I am feeling extremely angry and consumed by a tax situation involving a former employer. While I was working there I noticed the owner was a very bad business person – not paying employees or suppliers, always creating “fires” that she was running around to put out. I stopped working there after two months.
Now a year later, I haven’t gotten my tax refund yet and must submit certain document to the IRS. This employer has been extremely noncooperative, disappearing for many days at a time after promising to send important documents. Recently she sent the requested document and it did not match what she had given me to file my taxes with. The new document says she didn’t take any taxes out. The old document that I filed said she did. She is now telling me the new document is correct. It doesn’t add up, I am suspicious she withheld the taxes and didn’t pay the IRS. But it’s difficult to say as she has become nonresponsive again and is not sending other documents I need.
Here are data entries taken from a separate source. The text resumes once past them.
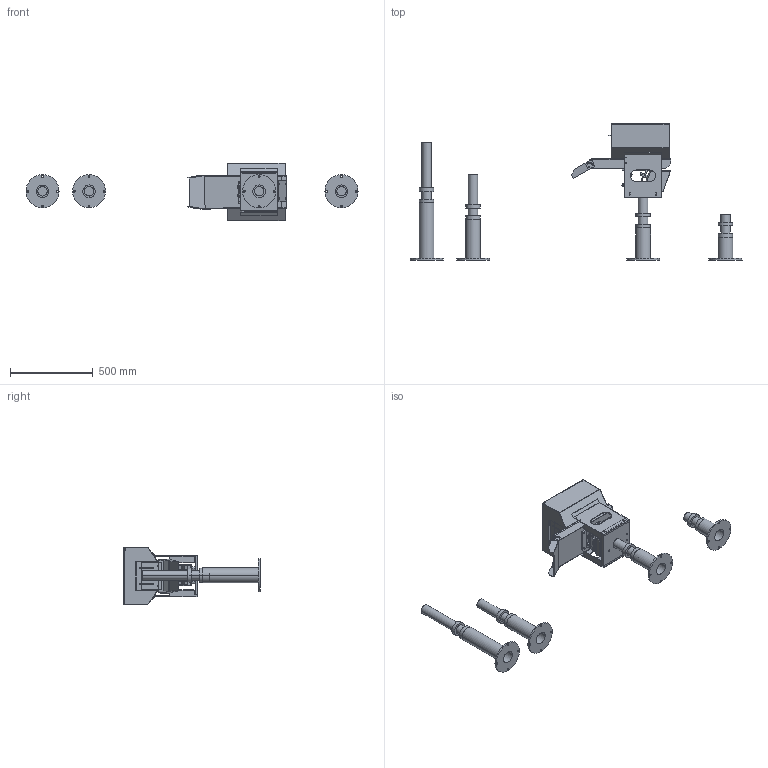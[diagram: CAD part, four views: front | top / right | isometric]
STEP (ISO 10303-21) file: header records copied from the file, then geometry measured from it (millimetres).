
FILE_DESCRIPTION (( 'STEP AP203' ), '1' );
FILE_NAME ('LC35-A淥雄蹋累.STEP', '2025-07-13T02:37:51', ( '' ), ( '' ), 'SwSTEP 2.0', 'SolidWorks 2022', '' );
FILE_SCHEMA (( 'CONFIG_CONTROL_DESIGN' ));
Length unit declared in the file: millimetre
Products named in the file (1): LC35-A淥雄蹋累
Bounding box: 2005.91 x 823.19 x 349.12 mm (x, y, z)
Volume: 11622522.3 mm3; surface area: 3087102.5 mm2
Topology: 35 solids, 39 shells, 1011 faces, 2503 edges, 1588 vertices
Faces by surface type: plane 528, cylinder 381, cone 88, bspline 11, torus 3
Entity records: 33955 total; most frequent: CARTESIAN_POINT 9515, DIRECTION 5061, ORIENTED_EDGE 4962, EDGE_CURVE 2481, AXIS2_PLACEMENT_3D 1829, VERTEX_POINT 1588, VECTOR 1403, LINE 1403
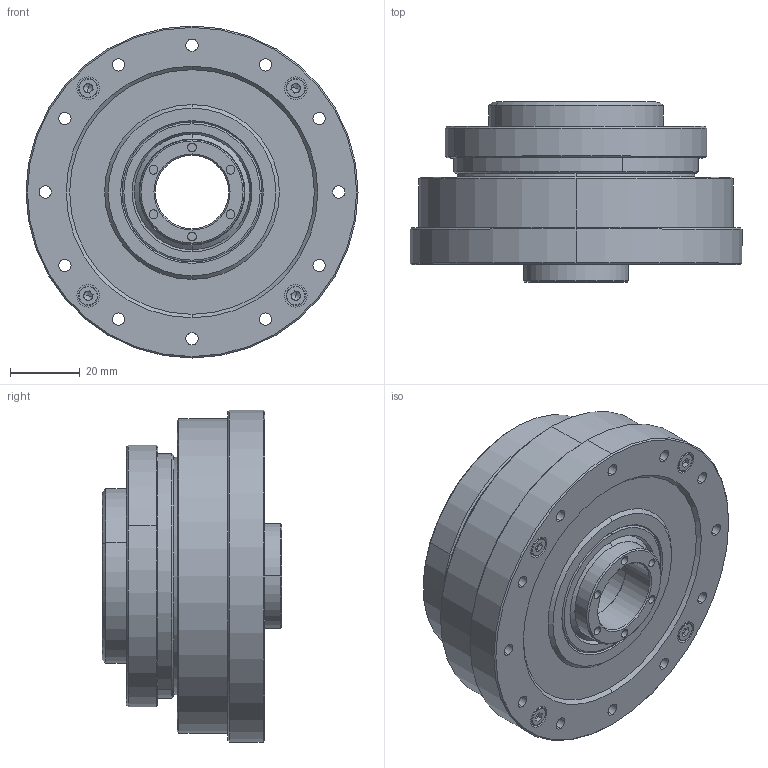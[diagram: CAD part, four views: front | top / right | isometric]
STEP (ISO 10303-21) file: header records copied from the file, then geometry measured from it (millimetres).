
FILE_DESCRIPTION (( 'STEP AP203' ), '1' );
FILE_NAME ('BHS-20-XXX-U-¢ó.STEP', '2019-01-15T03:55:20', ( 'User' ), ( 'China' ), 'SwSTEP 2.0', 'SolidWorks 2015', '' );
FILE_SCHEMA (( 'CONFIG_CONTROL_DESIGN' ));
Length unit declared in the file: millimetre
Products named in the file (1): BHS-20-XXX-U-ｋ
Bounding box: 95 x 51.5 x 95 mm (x, y, z)
Surface area: 43510.6 mm2 (no closed solid volume)
Topology: 0 solids, 24 shells, 315 faces, 852 edges, 538 vertices
Faces by surface type: cylinder 150, plane 81, cone 72, torus 12
Entity records: 9906 total; most frequent: DIRECTION 1914, CARTESIAN_POINT 1690, ORIENTED_EDGE 1418, EDGE_CURVE 836, AXIS2_PLACEMENT_3D 762, VERTEX_POINT 538, CIRCLE 446, EDGE_LOOP 394

I am spending hours of my life on hold trying to talk to the IRS and figure out what to do. And I’m FURIOUS. I am having a hard time processing the anger and I know it’s ultimately not serving me in this situation. But I am filled with rage at the incompetency and lack of respect this person is demonstrating. And I see that I’m giving her a lot of power here around my mood and of course she’s the last fucking person I want to trust with my emotions!!
This process feels like it’s taking over too much of my life.
I’m feeling calmer than I was earlier, when I was feeling overwhelmed by my anger towards this person and situation, but I’d love some help navigating this. Thank you!